Thursday, June 14, 2012

The Universality and Complexity of Viruses: A Brief Story Behind Our New Review

From Bordenstein et al 2006 PLoS Pathogens. Bacteriophage particles are denoted by the arrow heads inside Wolbachia cells that inhabit the testes. Particles are observed to be lysing Wolbachia in the two images on the right, such that DNA is degraded, membranes are detaching from the surface, and particles are exiting the cell.
 100 years ago, we were unaware that viruses even existed. Today, they are recognized as the most abundant biological entity on the planet. Despite their ubiquity, there was an expectation that there would be some form of limit to the distribution of viruses.

In particular, viruses require a host to replicate inside and some host organisms live in such a confined niche that they may be a boundary to the frontier of viruses.

What kinds of hosts are we talking about? Obligate intracellular bacteria or bacteria with reduced genomes that are confined to replication inside host cells. These bacteria comprise some of the most intimate and long-lasting interactions on the planet - Chlamydia, Wolbachia, and the bacterial ancestors of mitochondria and chloroplasts. Are these species unique in that the viral frontier does not reach them? And if it does reach them, do their viruses evolve differently from viruses that live in less constrained niches such as bacteria that replicate in the open environments of land and water.

As it turns out, many obligate intracellular bacteria, especially those that switch hosts, are rampant with mobile genetic elements including viruses.

For a summary of this topic and specific studies on viruses in Wolbachia, my student Jason Metcalf (@JMetcalfVU) and I just published a review in a special issue on viruses in Current Opinion in Microbiology, entitled The complexity of virus systems: the case of endosymbionts

Jason is a M.D./Ph.D. student in the The Vanderbilt Medical Scientist Training Program (MSTP). He joined the lab in the summer of 2011 to develop bacteriophage WO into a therapeutic treatment against its host Wolbachia. The phage could offer a naturally-evolved way to kill Wolbachia involved in human diseases.

A few salient points of the review are:
  1. Wolbachia pipientis infects a vast number of animal species and often has a significant portion of its genome dedicated to proviral sequences of a virus called WO. 
  2. A Wolbachia genome typically has one full temperate virus and several degraded relics of previous WO virus invasions.    
  3. WO biology has updated fundamental theories of viral and endosymbiont evolution, namely The Phage Modular Theory and endosymbiont genome stability. 
  4. Active WO always transfers between Wolbachia coinfections in the same host. 
  5. Despite its rampant mobility, WO exhibits features of genomic constraint related to its intracellular niche, including gene deletions and infrequent acquisition of new genes. 
  6. Active and remnant fragments of WO retain an unusual core genome of head and baseplate genes; other genes are frequently deleted. (would love to know why?)
  7. Up to 87% of the divergent/absent genes between closely related Wolbachia strains is due to prophage WO


  1. From reading on this blog.. Why kill it would seem strategy would be to promote

    Wonder what diseases..

    >>>The phage could offer a naturally-evolved way to kill Wolbachia involved in human diseases.
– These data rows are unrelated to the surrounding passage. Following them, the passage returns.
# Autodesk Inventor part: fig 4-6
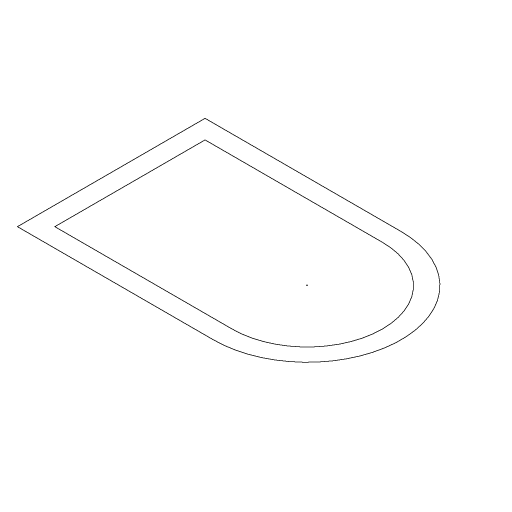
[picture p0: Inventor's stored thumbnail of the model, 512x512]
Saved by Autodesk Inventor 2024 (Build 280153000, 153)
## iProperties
Created: 2005-02
Part Number: fig 4-6
Document SubType Name: Modeling
Designer: CADCIM
Manufacturer: Standard
Standards Organization: Custom
Density: 1 g/cm^3
Material: Generic
Appearance: Default
Author: CADCIM
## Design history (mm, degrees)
sketch "Sketch1"
  geometry: L1 (12.963, 23.563)-(-25.99, 23.563); L2 (-25.99, 23.563)-(-25.99, -13.729); L3 (-25.99, -13.729)-(12.963, -13.729); L4 (-22.275, 19.848)-(12.963, 19.848); L5 (12.963, -10.014)-(-22.275, -10.014); L6 (-22.275, -10.014)-(-22.275, 19.848); A1 r 18.646 centre (12.963, 4.917) between (12.963, -13.729) and (12.963, 23.563); A2 r 14.931 centre (12.963, 4.917) between (12.963, -10.014) and (12.963, 19.848)
  constraints: 12 end point, 4 point on circle, 2 centre point, 2 parallel, 2 perpendicular, 2 tangent, 1 horizontal, 4 other
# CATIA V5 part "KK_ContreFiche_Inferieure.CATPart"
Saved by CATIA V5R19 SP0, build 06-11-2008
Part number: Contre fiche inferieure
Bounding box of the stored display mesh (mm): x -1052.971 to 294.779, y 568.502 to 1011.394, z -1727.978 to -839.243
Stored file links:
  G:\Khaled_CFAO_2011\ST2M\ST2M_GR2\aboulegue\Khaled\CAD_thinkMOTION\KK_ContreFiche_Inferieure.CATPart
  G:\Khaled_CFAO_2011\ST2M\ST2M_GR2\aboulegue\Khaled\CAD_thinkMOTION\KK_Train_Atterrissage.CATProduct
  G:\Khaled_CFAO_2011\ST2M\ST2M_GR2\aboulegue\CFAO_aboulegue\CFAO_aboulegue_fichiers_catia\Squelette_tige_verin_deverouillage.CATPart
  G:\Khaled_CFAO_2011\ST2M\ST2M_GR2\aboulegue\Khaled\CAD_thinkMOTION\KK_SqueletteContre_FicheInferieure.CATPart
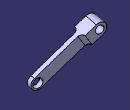
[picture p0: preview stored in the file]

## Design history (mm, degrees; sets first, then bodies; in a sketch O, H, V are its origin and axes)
Set1
  Plane1 "Plan reference contre fiche superieue": linked copy from another document
  Point1: linked copy from another document
  Point2 "Point.15": linked copy from another document
  Line1: linked copy from another document
Body1 (main body)
  Sketch1 on Plane1, origin (95.3692, 652.5403, 0), H (0.9817, -0.1905, 0), V (0, 0, 1)
    construction line L1 (-1013.8369, -967.2204) -> (65.8361, -1600)
    point P1 (-1013.8369, -967.2204)
    point P2 (65.8361, -1600)
    line L2 (-949.1148, -856.7891) -> (130.5582, -1489.5688)
    line L3 (1.1141, -1710.4312) -> (-1078.5589, -1077.6516)
    arc A1 centre (65.8361, -1600) radius 128 from (130.5582, -1489.5688) to (1.1141, -1710.4312) cw
    arc A2 centre (-1013.8369, -967.2204) radius 128 from (-1078.5589, -1077.6516) to (-949.1148, -856.7891) cw
    reference projected point E1 (65.8361, -1600) from Point1
    reference projected point E2 (-1013.8369, -967.2204) from Point2
    distance L1 L2 = 128
    tangency: A1 L2, A2 L2, A1 L3, A2 L3
    coincidence: P2 E1, P1 E2
  Pad1: profile Sketch1, direction (-0.1905, -0.9817, 0), length 144, mirrored extent
  Sketch2 on face of Pad1 from Sketch1.L2, origin (-620.982, 92.7993, -1063.3821), H (0.1586, 0.9872, 0.0189), V (-0.8535, 0.1274, 0.5053)
    line L1 (739.7648, 141.5116) -> (919.6383, 134.7658)
    line L2 (919.6383, 134.7658) -> (874.6667, -1064.3912)
    line L3 (874.6667, -1064.3912) -> (694.7932, -1057.6454)
    line L4 (694.7932, -1057.6454) -> (739.7648, 141.5116)
    reference projected line E1 through (0.2393, -843.4657) direction (-0.9993, 0.0375) from axis of face of Pad1 from Sketch1.A1
    reference projected line E2 (700.7562, 382.1658) -> (654.3813, -854.4112) from Line1
    line L5 (463.9586, 151.855) -> (643.8322, 145.1093)
    line L6 (643.8322, 145.1093) -> (598.8606, -1054.0477)
    line L7 (598.8606, -1054.0477) -> (418.9871, -1047.302)
    line L8 (418.9871, -1047.302) -> (463.9586, 151.855)
    reference projected line E3 (700.7562, 382.1658) -> (654.3813, -854.4112) from Line1
    reference projected line E4 through (0.2393, -843.4657) direction (-0.9993, 0.0375) from axis of face of Pad1 from Sketch1.A1
    reference projected line E5 (700.7562, 382.1658) -> (654.3813, -854.4112) from Line1
    reference projected line E6 (700.7562, 382.1658) -> (654.3813, -854.4112) from Line1
    distance L1 E1 = 1012
    length L2 = 1200
    distance E2 L4 = 48
    length L3 = 180
    length L8 = 1200
    length L7 = 180
    distance E3 L6 = 48
    distance L5 E4 = 1012
    parallelism: L4 E5, L6 E6, L8 L6, L2 L4, L7 L5, L1 L3
    perpendicularity: L1 L4, L5 L6
  Pocket1: profile Sketch2, direction (-0.4964, 0.0963, -0.8627), through (limit type 3)
  Fillet1: radius 80, conic ratio 0.3, on edge [face of Pocket1 from Sketch2.L5 | face of Pocket1 from Sketch2.L6]
  Fillet2: radius 80, conic ratio 0.3, on edge [face of Pocket1 from Sketch2.L4 | face of Pocket1 from Sketch2.L1]
  Sketch3 on face of Pocket1 from Sketch2.L6, origin (88.2759, 605.0214, 0), H (0.9817, -0.1905, 0), V (0, 0, 1)
    circle A1 centre (63.7483, -1600) radius 96
    reference projected arc E1 centre (63.7483, -1600) radius 128 from (-1.3335, -1710.2196) to (128.8302, -1489.7804) ccw from edge [face of Pad1 from Sketch1.A1 | face of Pocket1 from Sketch2.L6]
    radius A1 = 96
    concentricity: E1 A1
  Pocket2: profile Sketch3, direction (-0.1905, -0.9817, 0), through (limit type 3)
  Sketch4 on end face of Pad1, origin (74.0891, 509.9837, 0), H (0.9817, -0.1905, 0), V (0, 0, 1)
    circle A1 centre (-1020.1002, -967.2204) radius 80
    reference projected arc E1 centre (-1020.1002, -967.2204) radius 128 from (-955.0184, -857.0008) to (-1085.182, -1077.44) ccw from edge [face of Pad1 from Sketch1.A2 | end face of Pad1]
    radius A1 = 80
    concentricity: A1 E1
  Pocket3: profile Sketch4, direction (0.1905, 0.9817, 0), through (limit type 3)

  2. Hi Doug. Thanks for the questions. Wolbachia is an endosymbiont in arthroods and filarial nematodes. While the Wolbachia are reproductive parasites of arthropods, there are different Wolbachia strains in nematodes that have evolved to become mutualistic with the worms. If Wolbachia is removed from the nematodes, the nematodes are rendered sterile or inviable during larval development. We propose that the phage from arthropod Wolbachia could be utilized to kill Wolbachia in nematodes, thereby treating diseases associated with filarial worms, such as River Blindness, Elephantiasis, and Dog Heartworm.